Securities Law Information. Because this is a private offering in Switzerland, the RSUs are not subject to registration in Switzerland. Neither this document nor any other materials relating to the RSUs (i) constitutes a prospectus according to articles 35 et seq. of the Swiss Federal Act on Financial Services (“FinSA”), (ii) may be publicly distributed or otherwise made publicly available in Switzerland to any person other than an Employee or (iii) has been or will be filed with, approved or supervised by any Swiss reviewing body according to article 51 FinSA or any Swiss regulatory authority, including the Swiss Financial Market Supervisory Authority (“FINMA”).
Terms and Conditions
Responsibility for Taxes. The following provision supplements Section 3.2 of the Award Agreement:
Without limitation to Section 3.2 of the Award Agreement, Participant agrees that Participant is liable for all Tax-Related Items and hereby covenants to pay all such Tax-Related Items as and when requested by the Company or the Service Recipient or by Her Majesty’s Revenue and Customs (“HMRC”) (or any other tax authority or any other relevant authority). Participant also agrees to indemnify and keep indemnified the Company and the Service Recipient against any Tax-Related Items that they are required to pay or withhold or have paid or will pay to HMRC (or any other tax authority or any other relevant authority) on Participant’s behalf.
Notwithstanding the foregoing, if Participant is a director or executive officer (within the meaning of Section 13(k) of the Exchange Act), the terms of the immediately foregoing provision will not apply in case the indemnification is viewed as a loan. In this case, any income tax not collected within ninety (90) days of the end of the U.K. tax year in which an event giving rise to the Tax-Related Items occurs may constitute a benefit to Participant on which additional income tax and employee National Insurance contributions (“NICs”) may be payable.

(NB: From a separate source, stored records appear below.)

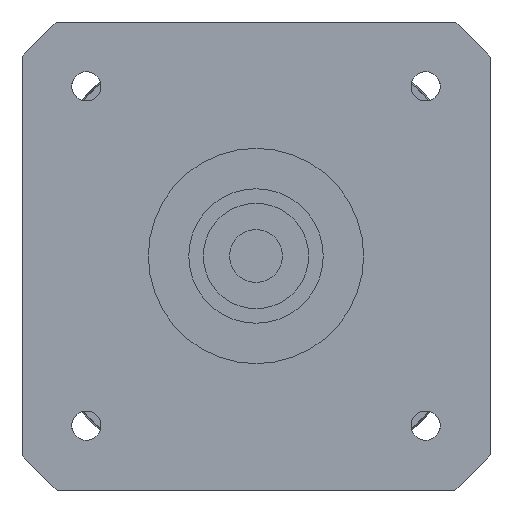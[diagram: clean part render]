
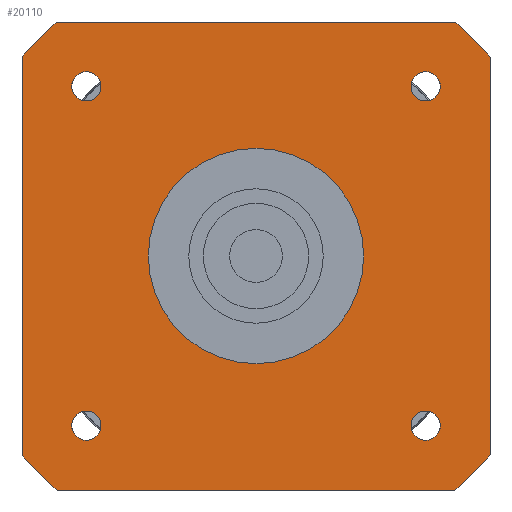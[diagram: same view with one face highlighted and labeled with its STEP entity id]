
A CAD part, left-side view. The second image highlights one B-rep face of the part: STEP entity #20110.
In plain terms, the highlighted planar face has unit normal (-1, 0, 0) as drawn and (0, 0, -1) by its records, which use the part's own axes.
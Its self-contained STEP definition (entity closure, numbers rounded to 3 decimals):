
#14210=CARTESIAN_POINT('',(-34.004,-40.,-44.));
#14220=VERTEX_POINT('',#14210);
#14370=CARTESIAN_POINT('',(34.004,-40.,-44.));
#14380=VERTEX_POINT('',#14370);
#14410=CARTESIAN_POINT('',(-40.,-40.,-44.));
#14420=DIRECTION('',(1.,0.,0.));
#14430=VECTOR('',#14420,1000.);
#14440=LINE('',#14410,#14430);
#14450=EDGE_CURVE('',#14220,#14380,#14440,.T.);
#18300=CARTESIAN_POINT('',(-28.998,-26.498,-44.));
#18310=VERTEX_POINT('',#18300);
#18490=CARTESIAN_POINT('',(-28.998,-31.498,-44.));
#18500=VERTEX_POINT('',#18490);
#18530=CARTESIAN_POINT('',(-28.998,-28.998,-44.));
#18540=DIRECTION('',(0.,0.,-1.));
#18550=DIRECTION('',(1.,0.,0.));
#18560=AXIS2_PLACEMENT_3D('',#18530,#18540,#18550);
#18570=CIRCLE('',#18560,2.5);
#18580=CARTESIAN_POINT('',(-26.498,-28.998,-44.));
#18590=VERTEX_POINT('',#18580);
#18600=EDGE_CURVE('',#18590,#18500,#18570,.T.);
#18620=EDGE_CURVE('',#18310,#18590,#18570,.T.);
#18670=CARTESIAN_POINT('',(40.,40.,-44.));
#18680=DIRECTION('',(0.,0.,1.));
#18690=DIRECTION('',(0.,1.,0.));
#18700=AXIS2_PLACEMENT_3D('',#18670,#18680,#18690);
#18710=PLANE('',#18700);
#18720=CARTESIAN_POINT('',(28.998,28.998,-44.));
#18730=DIRECTION('',(0.,0.,-1.));
#18740=DIRECTION('',(1.,0.,0.));
#18750=AXIS2_PLACEMENT_3D('',#18720,#18730,#18740);
#18760=CIRCLE('',#18750,2.5);
#18770=CARTESIAN_POINT('',(31.498,28.998,-44.));
#18780=VERTEX_POINT('',#18770);
#18790=CARTESIAN_POINT('',(28.998,26.498,-44.));
#18800=VERTEX_POINT('',#18790);
#18810=EDGE_CURVE('',#18780,#18800,#18760,.T.);
#18820=ORIENTED_EDGE('',*,*,#18810,.F.);
#18830=CARTESIAN_POINT('',(28.998,31.498,-44.));
#18840=VERTEX_POINT('',#18830);
#18850=EDGE_CURVE('',#18800,#18840,#18760,.T.);
#18860=ORIENTED_EDGE('',*,*,#18850,.F.);
#18870=EDGE_CURVE('',#18840,#18780,#18760,.T.);
#18880=ORIENTED_EDGE('',*,*,#18870,.F.);
#18890=EDGE_LOOP('',(#18880,#18860,#18820));
#18900=FACE_BOUND('',#18890,.T.);
#18910=CARTESIAN_POINT('',(-28.998,28.998,-44.));
#18920=DIRECTION('',(0.,0.,-1.));
#18930=DIRECTION('',(1.,0.,0.));
#18940=AXIS2_PLACEMENT_3D('',#18910,#18920,#18930);
#18950=CIRCLE('',#18940,2.5);
#18960=CARTESIAN_POINT('',(-26.498,28.998,-44.));
#18970=VERTEX_POINT('',#18960);
#18980=CARTESIAN_POINT('',(-28.998,26.498,-44.));
#18990=VERTEX_POINT('',#18980);
#19000=EDGE_CURVE('',#18970,#18990,#18950,.T.);
#19010=ORIENTED_EDGE('',*,*,#19000,.F.);
#19020=CARTESIAN_POINT('',(-28.998,31.498,-44.));
#19030=VERTEX_POINT('',#19020);
#19040=EDGE_CURVE('',#18990,#19030,#18950,.T.);
#19050=ORIENTED_EDGE('',*,*,#19040,.F.);
#19060=EDGE_CURVE('',#19030,#18970,#18950,.T.);
#19070=ORIENTED_EDGE('',*,*,#19060,.F.);
#19080=EDGE_LOOP('',(#19070,#19050,#19010));
#19090=FACE_BOUND('',#19080,.T.);
#19100=CARTESIAN_POINT('',(0.,0.,-44.));
#19110=DIRECTION('',(0.,0.,1.));
#19120=DIRECTION('',(0.,-1.,0.));
#19130=AXIS2_PLACEMENT_3D('',#19100,#19110,#19120);
#19140=CIRCLE('',#19130,18.4);
#19150=CARTESIAN_POINT('',(0.,-18.4,-44.));
#19160=VERTEX_POINT('',#19150);
#19170=CARTESIAN_POINT('',(0.,18.4,-44.));
#19180=VERTEX_POINT('',#19170);
#19190=EDGE_CURVE('',#19160,#19180,#19140,.T.);
#19200=ORIENTED_EDGE('',*,*,#19190,.T.);
#19210=EDGE_CURVE('',#19180,#19160,#19140,.T.);
#19220=ORIENTED_EDGE('',*,*,#19210,.T.);
#19230=EDGE_LOOP('',(#19220,#19200));
#19240=FACE_BOUND('',#19230,.T.);
#19250=ORIENTED_EDGE('',*,*,#18600,.F.);
#19260=EDGE_CURVE('',#18500,#18310,#18570,.T.);
#19270=ORIENTED_EDGE('',*,*,#19260,.F.);
#19280=ORIENTED_EDGE('',*,*,#18620,.F.);
#19290=EDGE_LOOP('',(#19280,#19270,#19250));
#19300=FACE_BOUND('',#19290,.T.);
#19310=CARTESIAN_POINT('',(28.998,-28.998,-44.));
#19320=DIRECTION('',(0.,0.,-1.));
#19330=DIRECTION('',(1.,0.,0.));
#19340=AXIS2_PLACEMENT_3D('',#19310,#19320,#19330);
#19350=CIRCLE('',#19340,2.5);
#19360=CARTESIAN_POINT('',(31.498,-28.998,-44.));
#19370=VERTEX_POINT('',#19360);
#19380=CARTESIAN_POINT('',(28.998,-31.498,-44.));
#19390=VERTEX_POINT('',#19380);
#19400=EDGE_CURVE('',#19370,#19390,#19350,.T.);
#19410=ORIENTED_EDGE('',*,*,#19400,.F.);
#19420=CARTESIAN_POINT('',(28.998,-26.498,-44.));
#19430=VERTEX_POINT('',#19420);
#19440=EDGE_CURVE('',#19390,#19430,#19350,.T.);
#19450=ORIENTED_EDGE('',*,*,#19440,.F.);
#19460=EDGE_CURVE('',#19430,#19370,#19350,.T.);
#19470=ORIENTED_EDGE('',*,*,#19460,.F.);
#19480=EDGE_LOOP('',(#19470,#19450,#19410));
#19490=FACE_BOUND('',#19480,.T.);
#19500=CARTESIAN_POINT('',(0.,0.,
-44.));
#19510=DIRECTION('',(0.,0.,1.));
#19520=DIRECTION('',(1.,0.,0.));
#19530=AXIS2_PLACEMENT_3D('',#19500,#19510,#19520);
#19540=CIRCLE('',#19530,52.5);
#19550=CARTESIAN_POINT('',(-34.004,40.,-44.));
#19560=VERTEX_POINT('',#19550);
#19570=CARTESIAN_POINT('',(-40.,34.004,-44.));
#19580=VERTEX_POINT('',#19570);
#19590=EDGE_CURVE('',#19560,#19580,#19540,.T.);
#19600=ORIENTED_EDGE('',*,*,#19590,.F.);
#19610=CARTESIAN_POINT('',(-40.,40.,-44.));
#19620=DIRECTION('',(0.,-1.,0.));
#19630=VECTOR('',#19620,1000.);
#19640=LINE('',#19610,#19630);
#19650=CARTESIAN_POINT('',(-40.,-34.004,-44.));
#19660=VERTEX_POINT('',#19650);
#19670=EDGE_CURVE('',#19580,#19660,#19640,.T.);
#19680=ORIENTED_EDGE('',*,*,#19670,.F.);
#19690=CARTESIAN_POINT('',(0.,0.,
-44.));
#19700=DIRECTION('',(0.,0.,1.));
#19710=DIRECTION('',(1.,0.,0.));
#19720=AXIS2_PLACEMENT_3D('',#19690,#19700,#19710);
#19730=CIRCLE('',#19720,52.5);
#19740=EDGE_CURVE('',#19660,#14220,#19730,.T.);
#19750=ORIENTED_EDGE('',*,*,#19740,.F.);
#19760=ORIENTED_EDGE('',*,*,#14450,.F.);
#19770=CARTESIAN_POINT('',(0.,0.,
-44.));
#19780=DIRECTION('',(0.,0.,1.));
#19790=DIRECTION('',(1.,0.,0.));
#19800=AXIS2_PLACEMENT_3D('',#19770,#19780,#19790);
#19810=CIRCLE('',#19800,52.5);
#19820=CARTESIAN_POINT('',(40.,-34.004,-44.));
#19830=VERTEX_POINT('',#19820);
#19840=EDGE_CURVE('',#14380,#19830,#19810,.T.);
#19850=ORIENTED_EDGE('',*,*,#19840,.F.);
#19860=CARTESIAN_POINT('',(40.,-40.,-44.));
#19870=DIRECTION('',(0.,1.,0.));
#19880=VECTOR('',#19870,1000.);
#19890=LINE('',#19860,#19880);
#19900=CARTESIAN_POINT('',(40.,34.004,-44.));
#19910=VERTEX_POINT('',#19900);
#19920=EDGE_CURVE('',#19830,#19910,#19890,.T.);
#19930=ORIENTED_EDGE('',*,*,#19920,.F.);
#19940=CARTESIAN_POINT('',(0.,0.,
-44.));
#19950=DIRECTION('',(0.,0.,1.));
#19960=DIRECTION('',(1.,0.,0.));
#19970=AXIS2_PLACEMENT_3D('',#19940,#19950,#19960);
#19980=CIRCLE('',#19970,52.5);
#19990=CARTESIAN_POINT('',(34.004,40.,-44.));
#20000=VERTEX_POINT('',#19990);
#20010=EDGE_CURVE('',#19910,#20000,#19980,.T.);
#20020=ORIENTED_EDGE('',*,*,#20010,.F.);
#20030=CARTESIAN_POINT('',(40.,40.,-44.));
#20040=DIRECTION('',(-1.,0.,0.));
#20050=VECTOR('',#20040,1000.);
#20060=LINE('',#20030,#20050);
#20070=EDGE_CURVE('',#20000,#19560,#20060,.T.);
#20080=ORIENTED_EDGE('',*,*,#20070,.F.);
#20090=EDGE_LOOP('',(#20080,#20020,#19930,#19850,#19760,#19750,#19680,
#19600));
#20100=FACE_OUTER_BOUND('',#20090,.T.);
#20110=ADVANCED_FACE('',(#18900,#19090,#19240,#19300,#19490,#20100),
#18710,.F.);

Participant understands that he or she will be responsible for reporting and paying any income tax due on this additional benefit directly to HMRC under the self-assessment regime and for reimbursing the Company and/or the Service Recipient (as appropriate) for the value of employee NICs due on this additional benefit which the Company and/or the Service Recipient may collect by any of the means referred to in Section 3.2 of the Award Agreement.